> **TASK DETAILS**
Each record below must be reproduced exactly as it reads, with its images omitted.

Stored dataset items:
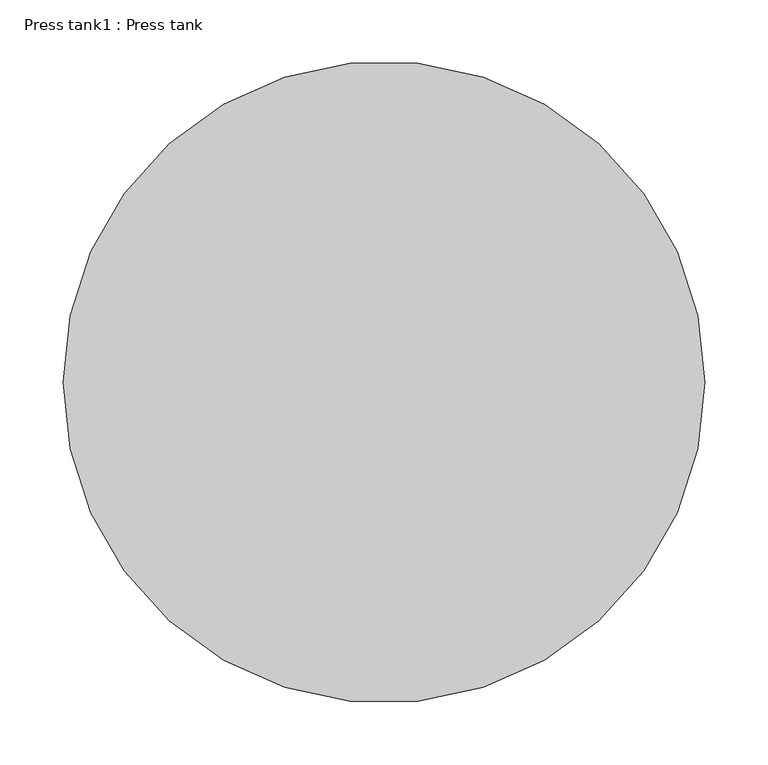
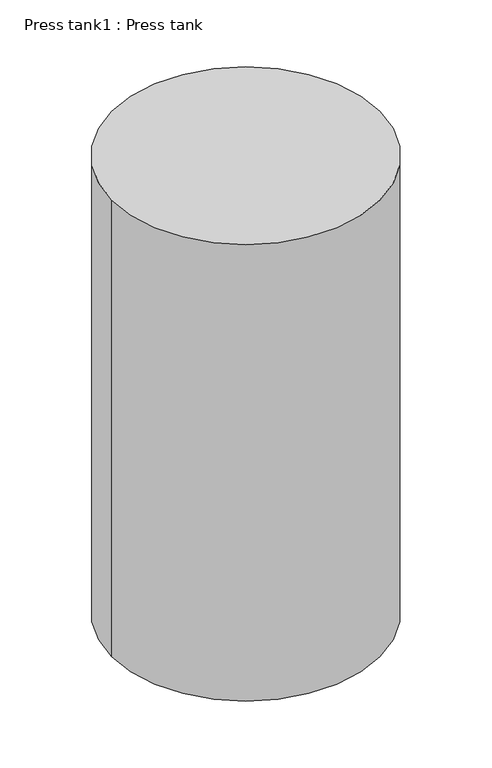
"""IFC4 building model written with IfcOpenShell, lengths in millimetres: proxy geometry, Press tank1 : Press tank."""

from ifc_helpers import new_model, si_unit, point, frame, frame_2d, origin, place, context, project, spatial, circle_curve, trimmed, segment, composite_curve, outline, extrude, source, transform, mapped, element, save


def press_tank1_press_tank_732dd890(model_context):
    return source(origin(), model_context, "Body", "SweptSolid", [
        extrude(outline(composite_curve([segment(trimmed(circle_curve(frame_2d((26385.9004782, 10738.3240491)), 254.0), [point((26131.9004782, 10738.3240491))], [point((26639.9004782, 10738.3240491))], False, "CARTESIAN"), True, "CONTINUOUS"), segment(trimmed(circle_curve(frame_2d((26385.9004782, 10738.3240491)), 254.0), [point((26639.9004782, 10738.3240491))], [point((26131.9004782, 10738.3240491))], False, "CARTESIAN"), True, "CONTINUOUS")], self_intersect=False)), frame((0.0, 0.0, 2832.1), z_axis=(0.0, 0.0, 1.0), x_axis=(1.0, 0.0, 0.0)), (0.0, 0.0, 1.0), 914.4),
    ])


if __name__ == "__main__":
    model = new_model("IFC4")
    model_context = context("Model", 3, world=origin())
    ifc_project = project(units=[si_unit("LENGTHUNIT", "METRE", prefix="MILLI")], contexts=[model_context])
    site = spatial("IfcSite", under=ifc_project)
    building = spatial("IfcBuilding", under=site)
    placement = place(None, origin())
    press_tank1_press_tank_shape = press_tank1_press_tank_732dd890(model_context)
    element("IfcBuildingElementProxy", 1, Name="Press tank1 : Press tank", ObjectType="Press tank1 : Press tank", at=placement, inside=building, context=model_context, shape_type="MappedRepresentation", body=[
        mapped(press_tank1_press_tank_shape, transform((0.0, 0.0, 0.0), x_axis=(1.0, 0.0, 0.0), y_axis=(0.0, 1.0, 0.0), z_axis=(0.0, 0.0, 1.0))),
    ])
    save(model, "model.ifc")

> **EXERCISE RESULT**
"""IFC4 building model written with IfcOpenShell, lengths in millimetres: proxy geometry, Press tank1 : Press tank."""

from ifc_helpers import new_model, si_unit, point, frame, frame_2d, origin, place, context, project, spatial, circle_curve, trimmed, segment, composite_curve, outline, extrude, source, transform, mapped, element, save


def press_tank1_press_tank_732dd890(model_context):
    return source(origin(), model_context, "Body", "SweptSolid", [
        extrude(outline(composite_curve([segment(trimmed(circle_curve(frame_2d((26385.9004782, 10738.3240491)), 254.0), [point((26131.9004782, 10738.3240491))], [point((26639.9004782, 10738.3240491))], False, "CARTESIAN"), True, "CONTINUOUS"), segment(trimmed(circle_curve(frame_2d((26385.9004782, 10738.3240491)), 254.0), [point((26639.9004782, 10738.3240491))], [point((26131.9004782, 10738.3240491))], False, "CARTESIAN"), True, "CONTINUOUS")], self_intersect=False)), frame((0.0, 0.0, 2832.1), z_axis=(0.0, 0.0, 1.0), x_axis=(1.0, 0.0, 0.0)), (0.0, 0.0, 1.0), 914.4),
    ])


if __name__ == "__main__":
    model = new_model("IFC4")
    model_context = context("Model", 3, world=origin())
    ifc_project = project(units=[si_unit("LENGTHUNIT", "METRE", prefix="MILLI")], contexts=[model_context])
    site = spatial("IfcSite", under=ifc_project)
    building = spatial("IfcBuilding", under=site)
    placement = place(None, origin())
    press_tank1_press_tank_shape = press_tank1_press_tank_732dd890(model_context)
    element("IfcBuildingElementProxy", 1, Name="Press tank1 : Press tank", ObjectType="Press tank1 : Press tank", at=placement, inside=building, context=model_context, shape_type="MappedRepresentation", body=[
        mapped(press_tank1_press_tank_shape, transform((0.0, 0.0, 0.0), x_axis=(1.0, 0.0, 0.0), y_axis=(0.0, 1.0, 0.0), z_axis=(0.0, 0.0, 1.0))),
    ])
    save(model, "model.ifc")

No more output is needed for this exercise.